WHAT NEEDS TO BE DONE: Before anything else, drop the pictures; then return exactly the lines from the top of the listing through the line with "doc.styles.add('GOST-2.304_Type-B', font='GOST_Common.ttf')".

EXTRACTED DATA:
══════
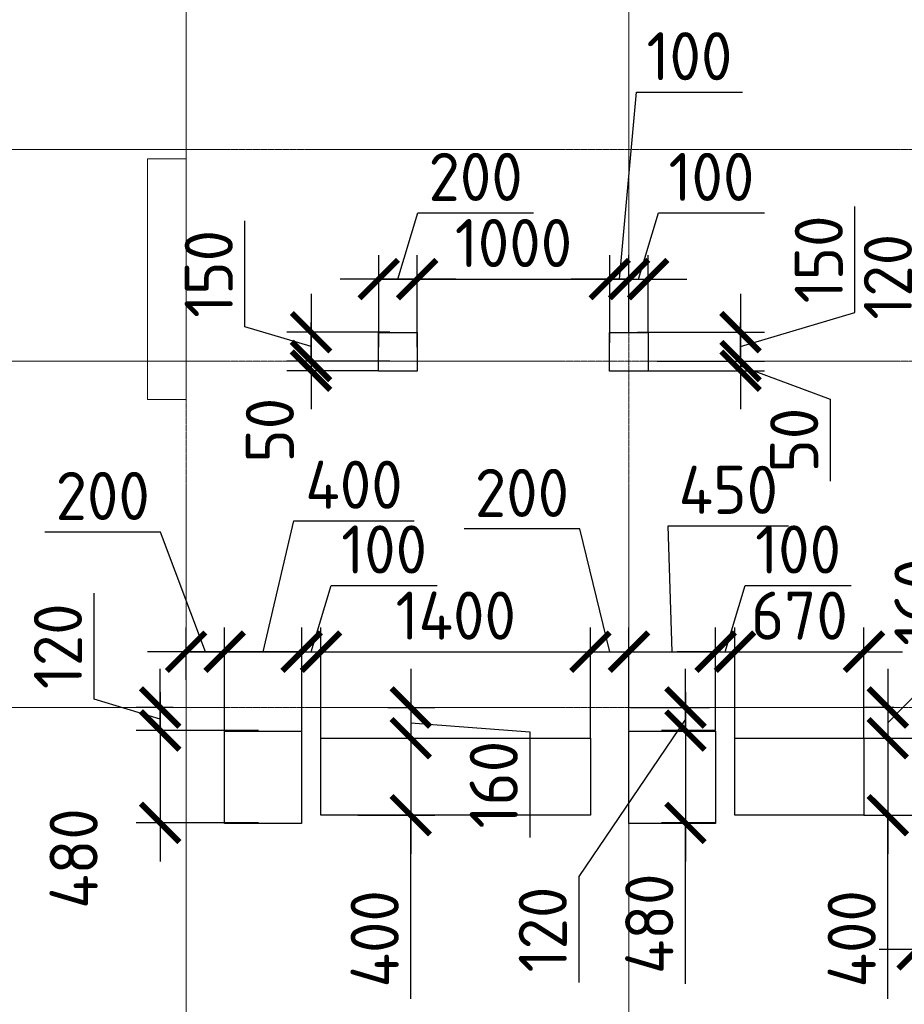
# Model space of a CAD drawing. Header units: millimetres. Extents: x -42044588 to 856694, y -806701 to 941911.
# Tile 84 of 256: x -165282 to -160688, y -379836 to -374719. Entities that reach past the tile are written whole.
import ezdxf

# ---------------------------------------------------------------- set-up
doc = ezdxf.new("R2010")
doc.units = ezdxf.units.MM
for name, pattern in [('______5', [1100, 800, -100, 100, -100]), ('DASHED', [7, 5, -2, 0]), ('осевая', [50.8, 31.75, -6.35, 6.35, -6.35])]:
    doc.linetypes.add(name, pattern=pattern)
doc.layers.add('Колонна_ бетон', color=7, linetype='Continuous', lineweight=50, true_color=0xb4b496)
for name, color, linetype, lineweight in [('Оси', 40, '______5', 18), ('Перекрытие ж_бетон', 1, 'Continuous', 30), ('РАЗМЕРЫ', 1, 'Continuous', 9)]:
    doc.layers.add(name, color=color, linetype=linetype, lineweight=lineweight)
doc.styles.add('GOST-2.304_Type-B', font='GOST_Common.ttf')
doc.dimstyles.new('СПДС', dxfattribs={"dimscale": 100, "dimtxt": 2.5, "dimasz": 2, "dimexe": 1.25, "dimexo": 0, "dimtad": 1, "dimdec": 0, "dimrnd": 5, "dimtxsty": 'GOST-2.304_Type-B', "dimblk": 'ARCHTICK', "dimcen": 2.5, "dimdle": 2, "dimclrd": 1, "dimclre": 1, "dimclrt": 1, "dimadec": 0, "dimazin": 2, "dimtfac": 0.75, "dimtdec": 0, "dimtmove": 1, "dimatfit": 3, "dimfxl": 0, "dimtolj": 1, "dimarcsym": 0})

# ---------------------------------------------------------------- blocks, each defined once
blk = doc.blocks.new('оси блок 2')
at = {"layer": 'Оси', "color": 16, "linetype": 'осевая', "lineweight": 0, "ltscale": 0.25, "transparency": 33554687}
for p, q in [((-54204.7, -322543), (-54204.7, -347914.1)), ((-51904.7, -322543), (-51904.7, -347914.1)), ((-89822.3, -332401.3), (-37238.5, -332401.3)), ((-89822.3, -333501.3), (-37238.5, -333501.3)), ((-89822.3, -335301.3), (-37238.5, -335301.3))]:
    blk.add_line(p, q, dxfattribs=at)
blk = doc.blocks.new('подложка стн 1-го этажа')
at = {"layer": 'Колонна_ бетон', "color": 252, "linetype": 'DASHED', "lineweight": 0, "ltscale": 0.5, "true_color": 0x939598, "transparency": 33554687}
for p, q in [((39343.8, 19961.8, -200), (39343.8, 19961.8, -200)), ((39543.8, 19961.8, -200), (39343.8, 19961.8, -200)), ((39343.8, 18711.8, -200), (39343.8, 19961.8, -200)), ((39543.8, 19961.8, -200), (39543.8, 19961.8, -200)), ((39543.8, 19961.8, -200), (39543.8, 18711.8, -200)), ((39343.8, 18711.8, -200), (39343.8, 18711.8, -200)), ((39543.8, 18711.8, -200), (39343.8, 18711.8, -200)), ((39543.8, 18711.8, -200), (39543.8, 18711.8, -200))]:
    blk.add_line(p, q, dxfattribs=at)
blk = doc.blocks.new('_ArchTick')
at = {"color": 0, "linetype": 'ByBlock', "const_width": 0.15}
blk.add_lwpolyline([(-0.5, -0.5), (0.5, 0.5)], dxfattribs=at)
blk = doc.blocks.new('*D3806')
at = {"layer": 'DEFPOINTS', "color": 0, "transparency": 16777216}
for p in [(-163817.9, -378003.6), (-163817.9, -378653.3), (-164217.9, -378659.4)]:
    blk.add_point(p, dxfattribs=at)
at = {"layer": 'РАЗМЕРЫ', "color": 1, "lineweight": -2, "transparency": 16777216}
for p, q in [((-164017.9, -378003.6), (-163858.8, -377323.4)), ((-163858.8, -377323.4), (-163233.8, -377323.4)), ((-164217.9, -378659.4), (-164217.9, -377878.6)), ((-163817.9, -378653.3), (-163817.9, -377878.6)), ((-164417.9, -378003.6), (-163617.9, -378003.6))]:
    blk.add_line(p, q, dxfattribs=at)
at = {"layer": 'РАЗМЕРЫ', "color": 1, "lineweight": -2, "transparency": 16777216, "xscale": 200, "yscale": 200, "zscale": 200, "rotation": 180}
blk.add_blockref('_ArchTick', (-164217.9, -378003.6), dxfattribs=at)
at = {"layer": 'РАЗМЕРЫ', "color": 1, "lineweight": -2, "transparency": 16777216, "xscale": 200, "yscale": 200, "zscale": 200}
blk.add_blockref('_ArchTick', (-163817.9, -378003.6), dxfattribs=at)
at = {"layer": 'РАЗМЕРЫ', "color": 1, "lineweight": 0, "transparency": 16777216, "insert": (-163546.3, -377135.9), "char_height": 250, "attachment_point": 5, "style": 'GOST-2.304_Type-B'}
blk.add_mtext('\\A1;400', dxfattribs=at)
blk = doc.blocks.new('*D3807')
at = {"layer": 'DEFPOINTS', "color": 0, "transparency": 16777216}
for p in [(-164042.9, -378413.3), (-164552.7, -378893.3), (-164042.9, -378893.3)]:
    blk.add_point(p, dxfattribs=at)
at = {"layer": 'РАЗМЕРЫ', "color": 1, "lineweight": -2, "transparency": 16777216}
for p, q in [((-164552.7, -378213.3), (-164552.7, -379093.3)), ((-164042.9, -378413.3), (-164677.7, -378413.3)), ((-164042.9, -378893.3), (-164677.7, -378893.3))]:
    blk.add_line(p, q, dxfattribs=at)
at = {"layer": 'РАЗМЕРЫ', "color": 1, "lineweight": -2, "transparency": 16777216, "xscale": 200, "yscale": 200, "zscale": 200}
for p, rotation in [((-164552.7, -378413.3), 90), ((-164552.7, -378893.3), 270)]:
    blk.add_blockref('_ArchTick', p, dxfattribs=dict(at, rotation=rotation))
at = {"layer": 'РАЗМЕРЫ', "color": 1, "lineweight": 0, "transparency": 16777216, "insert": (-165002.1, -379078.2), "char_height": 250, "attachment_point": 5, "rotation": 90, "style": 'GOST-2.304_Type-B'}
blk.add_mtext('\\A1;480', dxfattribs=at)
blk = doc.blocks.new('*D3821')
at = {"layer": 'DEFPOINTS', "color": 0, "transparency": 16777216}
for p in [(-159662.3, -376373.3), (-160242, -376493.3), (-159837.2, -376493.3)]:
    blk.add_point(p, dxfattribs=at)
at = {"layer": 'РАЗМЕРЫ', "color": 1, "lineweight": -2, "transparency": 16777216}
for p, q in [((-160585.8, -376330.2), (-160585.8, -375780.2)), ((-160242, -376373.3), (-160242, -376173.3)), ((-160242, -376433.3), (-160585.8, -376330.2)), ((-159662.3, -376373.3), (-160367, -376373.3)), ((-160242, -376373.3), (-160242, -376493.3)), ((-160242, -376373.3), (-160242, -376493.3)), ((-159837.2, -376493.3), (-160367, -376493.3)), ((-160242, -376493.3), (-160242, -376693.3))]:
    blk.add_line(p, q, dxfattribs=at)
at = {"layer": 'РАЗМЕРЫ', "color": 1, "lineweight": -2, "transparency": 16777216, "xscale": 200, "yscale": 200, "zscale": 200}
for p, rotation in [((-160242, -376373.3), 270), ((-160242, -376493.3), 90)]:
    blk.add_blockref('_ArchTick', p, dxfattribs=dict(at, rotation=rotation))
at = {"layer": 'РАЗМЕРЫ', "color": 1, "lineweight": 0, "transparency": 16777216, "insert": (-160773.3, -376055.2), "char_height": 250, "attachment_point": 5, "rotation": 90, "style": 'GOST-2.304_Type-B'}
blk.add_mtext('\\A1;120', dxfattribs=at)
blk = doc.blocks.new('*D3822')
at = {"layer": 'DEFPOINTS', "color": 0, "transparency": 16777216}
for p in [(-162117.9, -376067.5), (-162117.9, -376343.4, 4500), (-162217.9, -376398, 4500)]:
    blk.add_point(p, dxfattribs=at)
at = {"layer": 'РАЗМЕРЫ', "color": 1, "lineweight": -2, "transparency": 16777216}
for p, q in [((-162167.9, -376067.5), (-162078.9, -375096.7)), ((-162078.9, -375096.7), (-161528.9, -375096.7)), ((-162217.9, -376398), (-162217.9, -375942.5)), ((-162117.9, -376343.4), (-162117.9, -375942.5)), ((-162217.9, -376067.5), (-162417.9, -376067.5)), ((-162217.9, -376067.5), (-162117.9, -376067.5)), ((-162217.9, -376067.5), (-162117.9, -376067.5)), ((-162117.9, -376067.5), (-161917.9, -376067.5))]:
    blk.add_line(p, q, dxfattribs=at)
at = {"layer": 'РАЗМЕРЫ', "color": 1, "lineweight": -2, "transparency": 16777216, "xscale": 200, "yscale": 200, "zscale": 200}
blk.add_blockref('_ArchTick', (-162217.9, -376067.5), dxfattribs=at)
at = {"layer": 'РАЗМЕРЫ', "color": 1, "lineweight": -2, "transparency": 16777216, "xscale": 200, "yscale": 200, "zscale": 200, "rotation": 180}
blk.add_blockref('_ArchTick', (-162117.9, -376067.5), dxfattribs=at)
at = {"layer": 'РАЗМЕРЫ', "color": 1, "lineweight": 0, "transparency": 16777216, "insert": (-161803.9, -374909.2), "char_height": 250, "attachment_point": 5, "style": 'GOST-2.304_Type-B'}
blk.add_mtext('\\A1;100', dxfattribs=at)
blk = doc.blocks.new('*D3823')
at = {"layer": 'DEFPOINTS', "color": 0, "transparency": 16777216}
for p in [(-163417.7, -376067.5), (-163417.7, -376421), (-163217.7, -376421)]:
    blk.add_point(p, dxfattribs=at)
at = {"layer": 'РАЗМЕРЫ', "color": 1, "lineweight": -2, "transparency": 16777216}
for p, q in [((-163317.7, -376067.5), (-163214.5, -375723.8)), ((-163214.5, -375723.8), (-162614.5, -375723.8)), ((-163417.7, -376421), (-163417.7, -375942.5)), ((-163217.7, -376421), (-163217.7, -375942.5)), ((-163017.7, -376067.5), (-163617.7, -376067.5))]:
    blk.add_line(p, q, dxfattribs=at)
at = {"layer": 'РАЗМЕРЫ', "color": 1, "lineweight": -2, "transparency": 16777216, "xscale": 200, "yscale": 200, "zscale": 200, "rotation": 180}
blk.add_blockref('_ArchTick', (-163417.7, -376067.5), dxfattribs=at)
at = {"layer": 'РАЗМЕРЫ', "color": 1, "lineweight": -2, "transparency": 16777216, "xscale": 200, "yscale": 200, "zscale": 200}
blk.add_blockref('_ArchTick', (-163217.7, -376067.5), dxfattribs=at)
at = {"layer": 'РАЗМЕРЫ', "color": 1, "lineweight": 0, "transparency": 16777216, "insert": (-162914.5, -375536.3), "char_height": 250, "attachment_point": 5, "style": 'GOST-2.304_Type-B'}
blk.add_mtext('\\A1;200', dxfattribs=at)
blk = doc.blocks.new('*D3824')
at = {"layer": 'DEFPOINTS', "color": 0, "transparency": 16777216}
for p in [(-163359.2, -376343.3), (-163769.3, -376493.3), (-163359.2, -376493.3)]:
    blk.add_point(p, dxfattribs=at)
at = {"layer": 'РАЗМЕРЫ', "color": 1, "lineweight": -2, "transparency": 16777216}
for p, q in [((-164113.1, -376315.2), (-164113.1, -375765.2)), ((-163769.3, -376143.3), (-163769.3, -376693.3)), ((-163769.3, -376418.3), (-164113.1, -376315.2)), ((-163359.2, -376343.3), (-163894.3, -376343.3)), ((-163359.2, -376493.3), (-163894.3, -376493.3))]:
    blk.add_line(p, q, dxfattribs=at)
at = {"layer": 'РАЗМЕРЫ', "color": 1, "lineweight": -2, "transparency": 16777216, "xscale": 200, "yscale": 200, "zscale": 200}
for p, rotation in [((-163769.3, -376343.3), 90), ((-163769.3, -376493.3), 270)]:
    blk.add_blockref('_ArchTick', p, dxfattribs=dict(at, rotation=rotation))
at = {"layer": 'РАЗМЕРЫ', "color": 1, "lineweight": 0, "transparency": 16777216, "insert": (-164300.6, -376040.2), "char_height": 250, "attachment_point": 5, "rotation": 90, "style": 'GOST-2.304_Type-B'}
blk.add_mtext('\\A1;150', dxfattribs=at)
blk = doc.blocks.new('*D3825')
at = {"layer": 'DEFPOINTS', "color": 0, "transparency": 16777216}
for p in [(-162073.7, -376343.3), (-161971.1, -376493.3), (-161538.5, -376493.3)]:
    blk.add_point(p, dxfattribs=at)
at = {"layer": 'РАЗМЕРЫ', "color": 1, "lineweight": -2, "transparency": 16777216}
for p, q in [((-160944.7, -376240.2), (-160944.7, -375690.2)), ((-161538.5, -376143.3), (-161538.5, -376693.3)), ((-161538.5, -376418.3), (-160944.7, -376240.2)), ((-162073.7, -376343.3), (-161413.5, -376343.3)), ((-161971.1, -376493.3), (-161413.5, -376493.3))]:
══════
TASK ANSWER:
# Model space of a CAD drawing. Header units: millimetres. Extents: x -42044588 to 856694, y -806701 to 941911.
# Tile 84 of 256: x -165282 to -160688, y -379836 to -374719. Entities that reach past the tile are written whole.
import ezdxf

# ---------------------------------------------------------------- set-up
doc = ezdxf.new("R2010")
doc.units = ezdxf.units.MM
for name, pattern in [('______5', [1100, 800, -100, 100, -100]), ('DASHED', [7, 5, -2, 0]), ('осевая', [50.8, 31.75, -6.35, 6.35, -6.35])]:
    doc.linetypes.add(name, pattern=pattern)
doc.layers.add('Колонна_ бетон', color=7, linetype='Continuous', lineweight=50, true_color=0xb4b496)
for name, color, linetype, lineweight in [('Оси', 40, '______5', 18), ('Перекрытие ж_бетон', 1, 'Continuous', 30), ('РАЗМЕРЫ', 1, 'Continuous', 9)]:
    doc.layers.add(name, color=color, linetype=linetype, lineweight=lineweight)
doc.styles.add('GOST-2.304_Type-B', font='GOST_Common.ttf')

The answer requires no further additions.